■ **AVAILABLE DATA**:
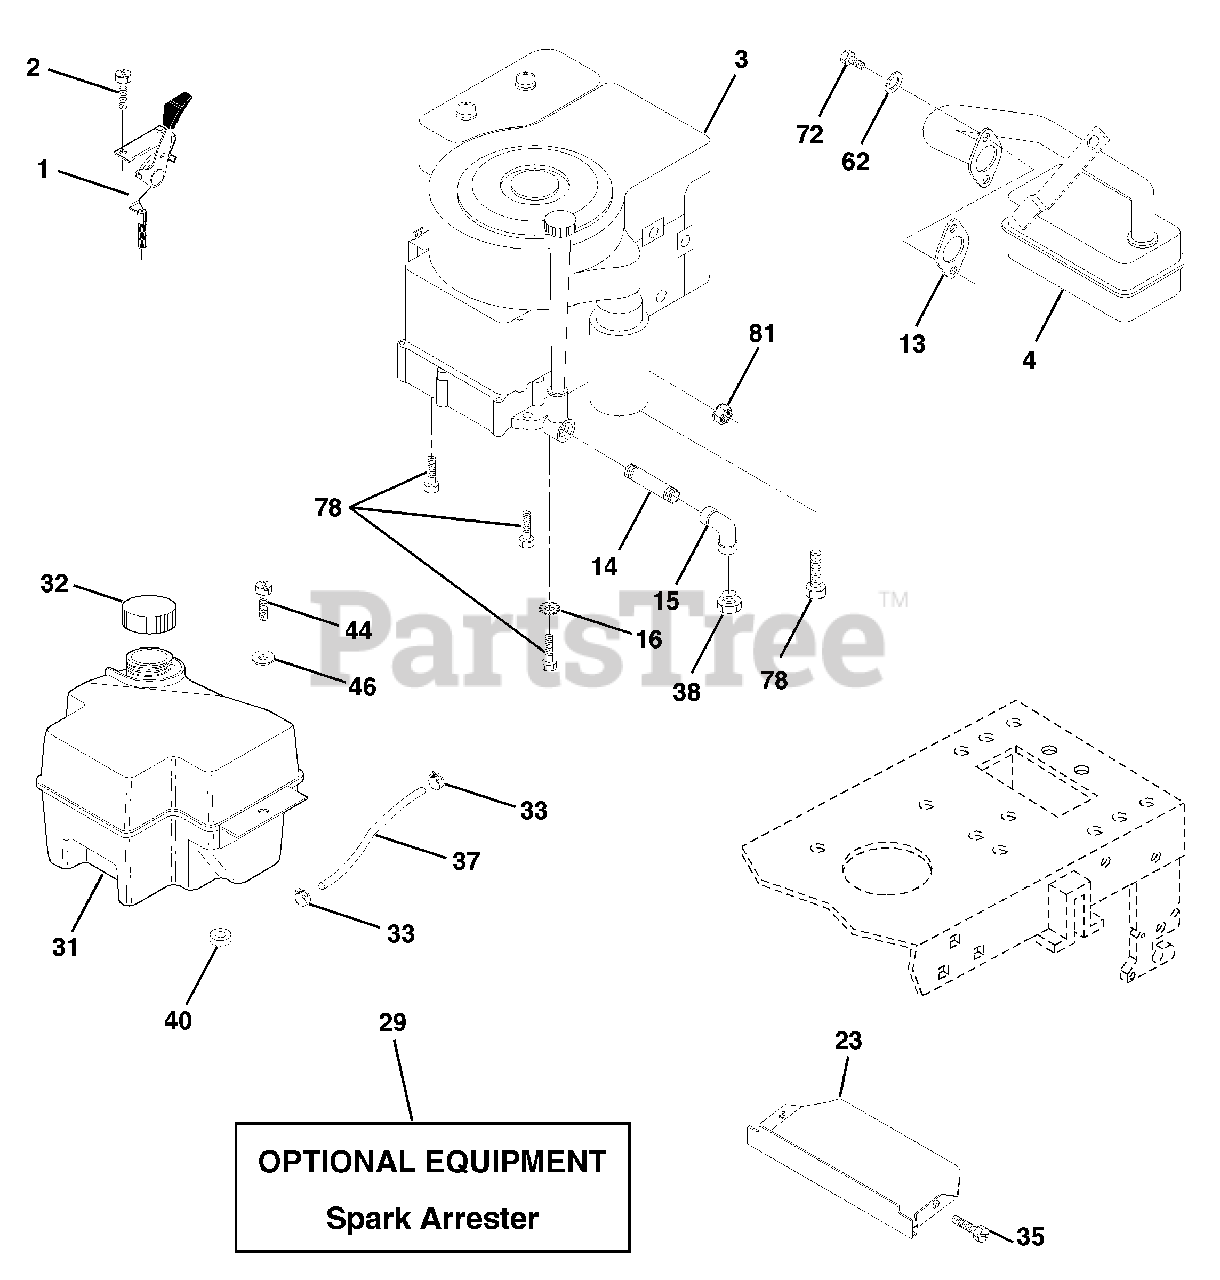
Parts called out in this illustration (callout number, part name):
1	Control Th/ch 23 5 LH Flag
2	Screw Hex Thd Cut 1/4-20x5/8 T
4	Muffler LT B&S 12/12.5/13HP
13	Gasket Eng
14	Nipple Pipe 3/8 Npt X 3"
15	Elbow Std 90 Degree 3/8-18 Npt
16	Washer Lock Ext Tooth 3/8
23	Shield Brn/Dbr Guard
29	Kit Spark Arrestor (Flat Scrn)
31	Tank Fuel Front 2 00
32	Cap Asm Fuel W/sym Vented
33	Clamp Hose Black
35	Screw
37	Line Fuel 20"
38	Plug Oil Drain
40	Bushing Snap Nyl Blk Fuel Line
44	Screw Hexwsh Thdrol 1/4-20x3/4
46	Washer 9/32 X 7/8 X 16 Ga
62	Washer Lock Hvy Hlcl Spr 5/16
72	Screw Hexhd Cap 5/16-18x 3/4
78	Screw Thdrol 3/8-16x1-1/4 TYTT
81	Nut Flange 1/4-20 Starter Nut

■ **TASK INSTRUCTIONS**: Write out the whole of the data exactly; the pictures stay out.

■ **RESPONSE**:
Parts called out in this illustration (callout number, part name):
1	Control Th/ch 23 5 LH Flag
2	Screw Hex Thd Cut 1/4-20x5/8 T
4	Muffler LT B&S 12/12.5/13HP
13	Gasket Eng
14	Nipple Pipe 3/8 Npt X 3"
15	Elbow Std 90 Degree 3/8-18 Npt
16	Washer Lock Ext Tooth 3/8
23	Shield Brn/Dbr Guard
29	Kit Spark Arrestor (Flat Scrn)
31	Tank Fuel Front 2 00
32	Cap Asm Fuel W/sym Vented
33	Clamp Hose Black
35	Screw
37	Line Fuel 20"
38	Plug Oil Drain
40	Bushing Snap Nyl Blk Fuel Line
44	Screw Hexwsh Thdrol 1/4-20x3/4
46	Washer 9/32 X 7/8 X 16 Ga
62	Washer Lock Hvy Hlcl Spr 5/16
72	Screw Hexhd Cap 5/16-18x 3/4
78	Screw Thdrol 3/8-16x1-1/4 TYTT
81	Nut Flange 1/4-20 Starter Nut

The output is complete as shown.